A couple anecdotal examples:

Bob Paine has been watching the same Urticina crassicornis at Tatoosh Island since 1968, and it has not moved nor changed in size.

There is the story of the legendary anemone kept in Edinburgh, I think, for something like 90 years; the anemone died of a seawater system malfunction, not old age.  This is reported in Ricketts and Calvin among other places.

I know that John Pearse has kept Anthopleura artemesia in captivity for well over 10 years and they're doing just fine.
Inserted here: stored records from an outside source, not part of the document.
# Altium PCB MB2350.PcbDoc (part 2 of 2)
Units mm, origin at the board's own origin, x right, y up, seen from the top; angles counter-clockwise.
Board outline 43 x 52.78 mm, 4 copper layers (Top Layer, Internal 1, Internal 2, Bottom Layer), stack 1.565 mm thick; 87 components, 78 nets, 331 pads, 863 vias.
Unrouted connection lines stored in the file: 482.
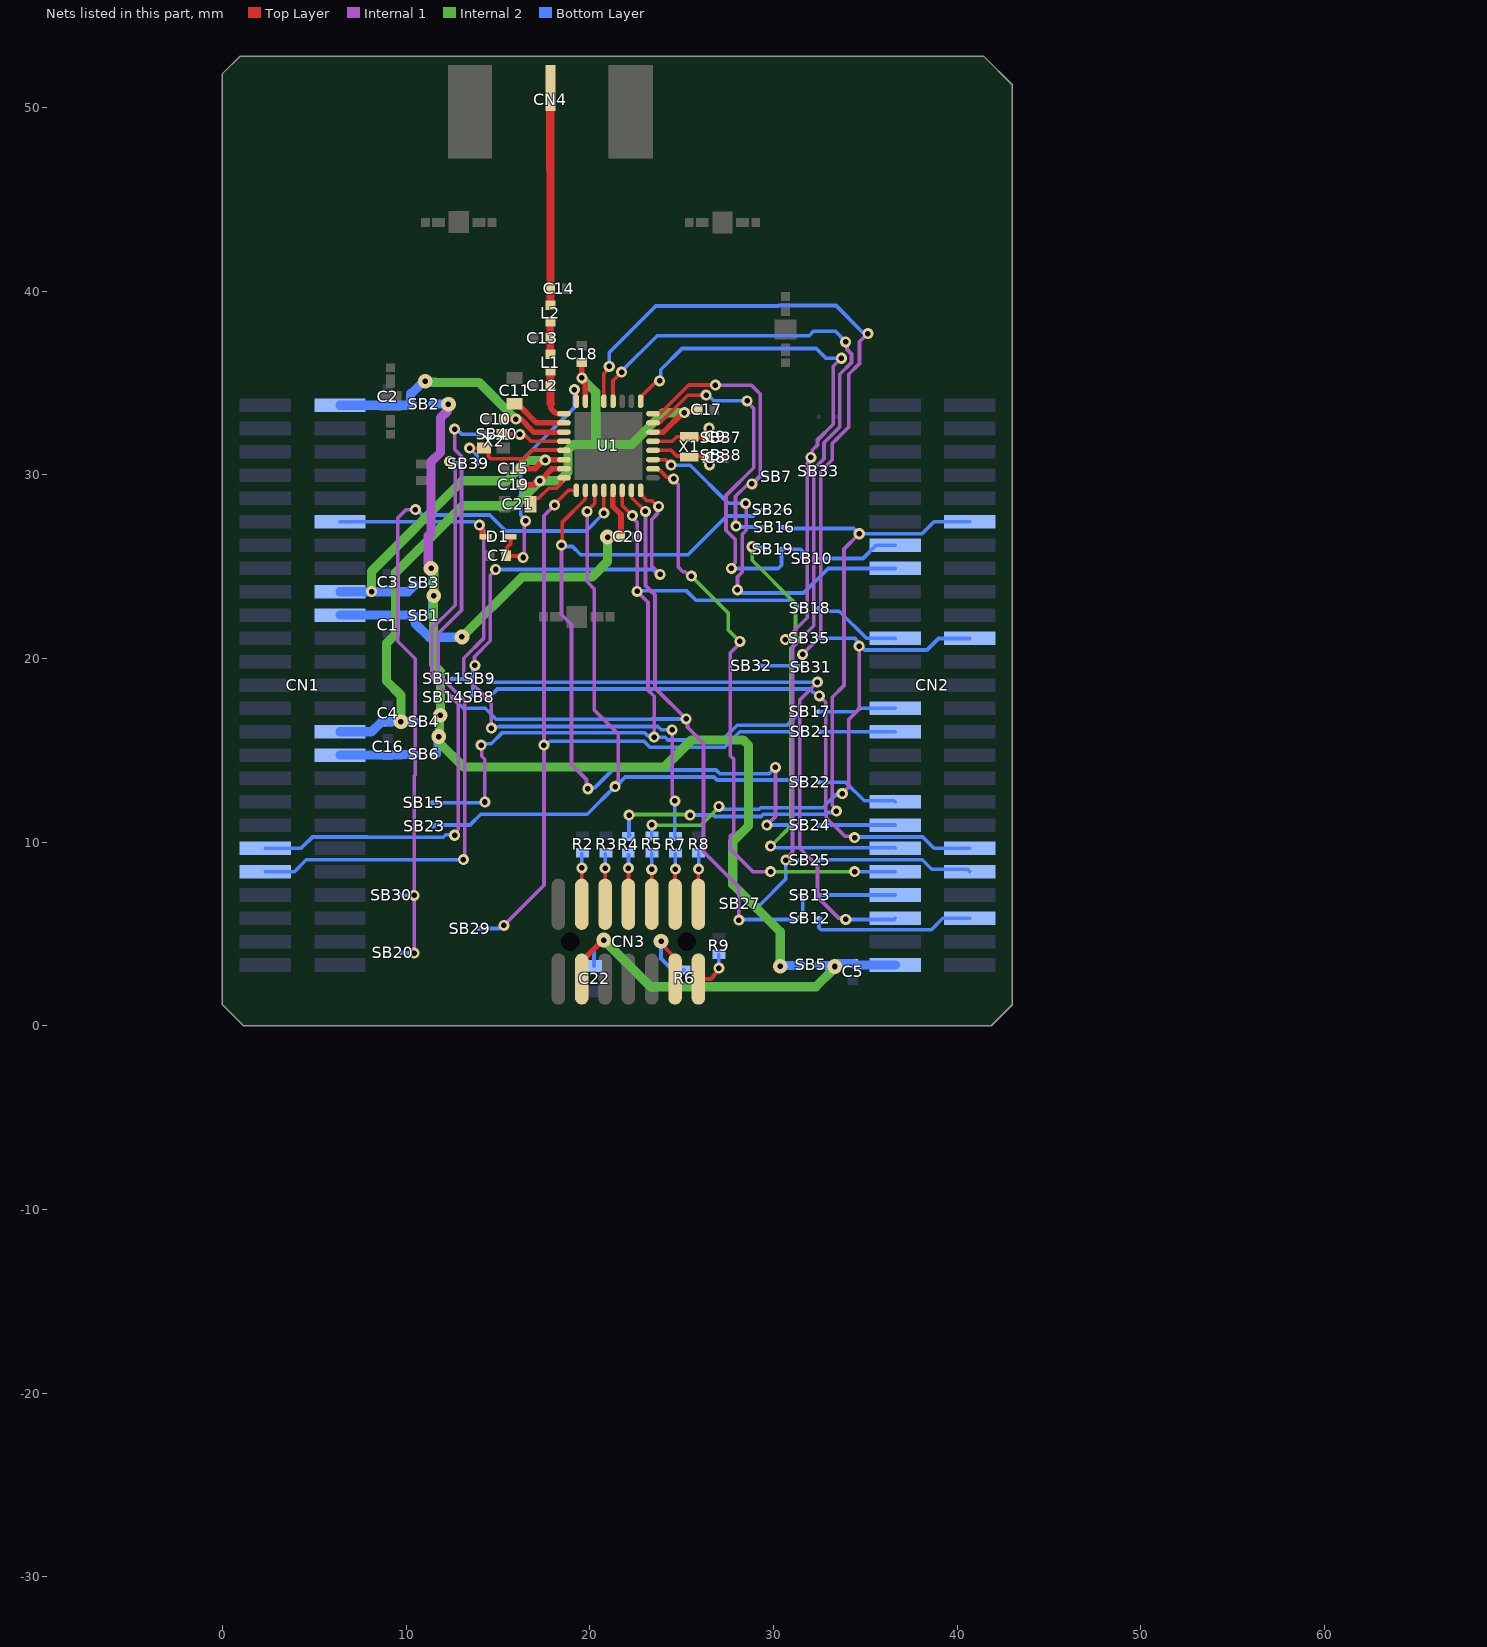
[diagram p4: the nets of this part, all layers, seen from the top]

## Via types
v1: diameter 0.6, hole 0.3, Top Layer to Bottom Layer, tented both sides, 850 vias
v2: diameter 0.8, hole 0.3, Top Layer to Bottom Layer, tented both sides, 13 vias

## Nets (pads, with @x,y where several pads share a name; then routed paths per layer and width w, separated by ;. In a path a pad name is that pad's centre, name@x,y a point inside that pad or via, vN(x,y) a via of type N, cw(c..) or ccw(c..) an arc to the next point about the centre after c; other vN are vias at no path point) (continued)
GPIO32: CN2.12 R4.2 SB16.2 | length 39.1
  Internal 1 w0.2: v1(33.424,11.688) 33.424,11.778 33.193,12.009 33.193,12.871 33.197,12.875 33.197,17.882 33.838,18.523 33.838,25.956 v1(34.669,26.787)
  Internal 2 w0.21: v1(22.136,11.471) 22.158,11.493 25.435,11.493 v1(25.458,11.47)
  Bottom Layer w0.2: R4.2@22.118,10.302 22.187,10.372 22.136,10.423 v1(22.136,11.471) ; v1(25.458,11.47) 26.719,11.47 26.796,11.393 29.326,11.393 29.448,11.516 32.824,11.516 32.919,11.612 33.348,11.612 v1(33.424,11.688) ; SB16.2@30.525,27.141 30.54,27.141 30.608,27.073 34.352,27.073 34.637,26.787 38.092,26.787 38.743,27.438 CN2.12@40.688,27.438
GPIO33: CN2.13 SB10.2 | length 4.4
  Bottom Layer w0.2: SB10.2@32.563,25.439 34.867,25.439 35.596,26.168 CN2.13@36.624,26.168
GPIO34: CN2.15 U1.11 | length 20.2
  Top Layer w0.2: U1.11@23.439,30.825 24.114,30.825 24.418,30.521 v1(24.43,30.521)
  Internal 1 w0.2: v1(28.038,23.726) 28.038,24.451 28.292,24.705 28.292,26.749 28.515,26.972 28.515,28.411 v1(28.486,28.44)
  Bottom Layer w0.2: v1(24.43,30.521) 25.468,30.521 27.55,28.44 v1@28.48,28.44 ; v1(28.038,23.726) 28.146,23.726 28.313,23.559 31.636,23.559 32.975,24.898 CN2.15@36.624,24.898
GPIO37: CN2.21 SB18.1 | length 4.9
  Bottom Layer w0.2: SB18.1@32.45,22.721 32.598,22.573 33.577,22.573 35.045,21.105 36.607,21.105 CN2.21@36.624,21.088
GPIO38: CN2.22 R5.2 SB35.1 | length 29.2
  Internal 1 w0.2: v1(33.743,12.643) 34.101,13.002 34.101,16.675 34.661,17.235 v1(34.661,20.671)
  Internal 2 w0.21: v1(23.381,10.938) 23.404,10.915 26.043,10.915 27.024,11.895 v1(27.024,11.943)
  Bottom Layer w0.2: R5.2@23.376,10.328 v1@23.376,10.938 ; v1(27.024,11.943) 27.132,11.943 27.291,11.784 29.222,11.784 29.303,11.866 32.679,11.866 33.379,12.566 33.666,12.566 v1(33.743,12.643) ; SB35.1@32.431,21.105 34.413,21.105 34.585,20.934 34.585,20.747 v1(34.661,20.671) ; v1@34.588,20.671 34.769,20.671 34.986,20.454 38.351,20.454 38.985,21.088 CN2.22@40.688,21.088
GPIO42: CN2.27 SB17.1 | length 4.1
  Bottom Layer w0.2: SB17.1@32.555,17.102 34.503,17.102 34.679,17.278 CN2.27@36.624,17.278
GPIO44: CN2.29 SB21.2 | length 4
  Bottom Layer w0.2: SB21.2@32.593,16.008 CN2.29@36.624,16.008
GPIO47: CN2.35 SB22.1 | length 4.4
  Bottom Layer w0.2: 32.616,13.264 33.926,13.264 34.941,12.25 36.573,12.25 CN2.35@36.624,12.198
GPIO49: CN2.37 SB24.1 | length 4.2
  Bottom Layer w0.2: SB24.1@32.451,10.916 32.461,10.926 32.811,10.926 32.814,10.928 CN2.37@36.624,10.928
GPIO50: CN2.39 SB19.2 | length 25.6
  Internal 1 w0.2: v1@28.842,25.989 v1(28.842,26.079)
  Internal 2 w0.2: v1(28.842,26.079) 28.842,25.339 31.2,22.981 31.2,20.794 30.948,20.542 30.948,10.879 v1(29.847,9.778)
  Bottom Layer w0.2: v1(28.842,26.079) 28.869,26.052 29.475,26.052 29.475,25.977 SB19.2@29.485,25.977 ; SB19.2@29.52,26.025 SB19.2@29.593,25.952 ; v1(29.847,9.778) 29.956,9.778 30.047,9.687 36.596,9.687 CN2.39@36.624,9.658
GPIO51: CN2.40 SB8.1 | length 33.7
  Internal 1 w0.2: v1(32.498,17.96) 32.843,17.615 32.843,11.492 32.879,11.456 32.879,11.329 33.895,10.313 34.346,10.313 v1(34.422,10.237)
  Bottom Layer w0.2: SB8.1@14.445,17.882 14.455,17.892 14.527,17.892 14.971,18.336 31.948,18.336 32.13,18.153 32.196,18.153 32.389,17.96 v1(32.498,17.96) ; v1(34.422,10.237) 34.463,10.277 38.125,10.277 38.743,9.658 CN2.40@40.688,9.658
GPIO52: CN2.41 U1.10 | length 33
  Top Layer w0.2: U1.10@23.439,30.325 23.691,30.325 23.791,30.225 23.829,30.225 24.199,29.856 24.481,29.856 v1(24.557,29.779)
  Internal 1 w0.2: v1(24.557,29.779) 24.557,29.726 24.821,29.462 24.821,24.969 25.066,24.725 25.177,24.725 25.421,24.481 v1(25.529,24.481) ; v1(28.167,20.926) 28.167,20.818 27.65,20.301 27.65,14.702 27.835,14.517 27.835,10.513 27.65,10.327 27.65,9.623 28.885,8.388 v1(29.847,8.388)
  Internal 2 w0.2: v1(25.529,24.481) 27.528,22.482 27.528,21.565 v1(28.167,20.926) ; v1(29.847,8.388) v1(34.422,8.388)
  Bottom Layer w0.2: v1(34.422,8.388) CN2.41@36.624,8.388
GPIO53: CN2.42 SB25.1 | length 8.4
  Bottom Layer w0.2: 32.592,9.04 38.099,9.04 38.62,8.519 40.557,8.519 CN2.42@40.688,8.388
GPIO54: CN2.43 SB13.1 | length 4.1
  Bottom Layer w0.2: SB13.1@32.563,7.118 CN2.43@36.624,7.118
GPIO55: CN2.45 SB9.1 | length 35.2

Ken Sebens calculated from population-level data (observed field mortality rates) that the average age of Anthopleura xanthogrammica on the Washington coast must be around 500 years with some individuals, theoretically anyway, having been around since the Pleistocene (this is heresay from Bob Paine based on Ken's calculations).

Hope these help!  I would very much appreciate hearing about any other responses you receive."  Good luck!  Dave

DAVID L. SECORD, PhD
Assistant Professor of Biology & Environmental Science Coordinator (UWT)
and Adjunct Assistant Professor of Zoology (UW Seattle)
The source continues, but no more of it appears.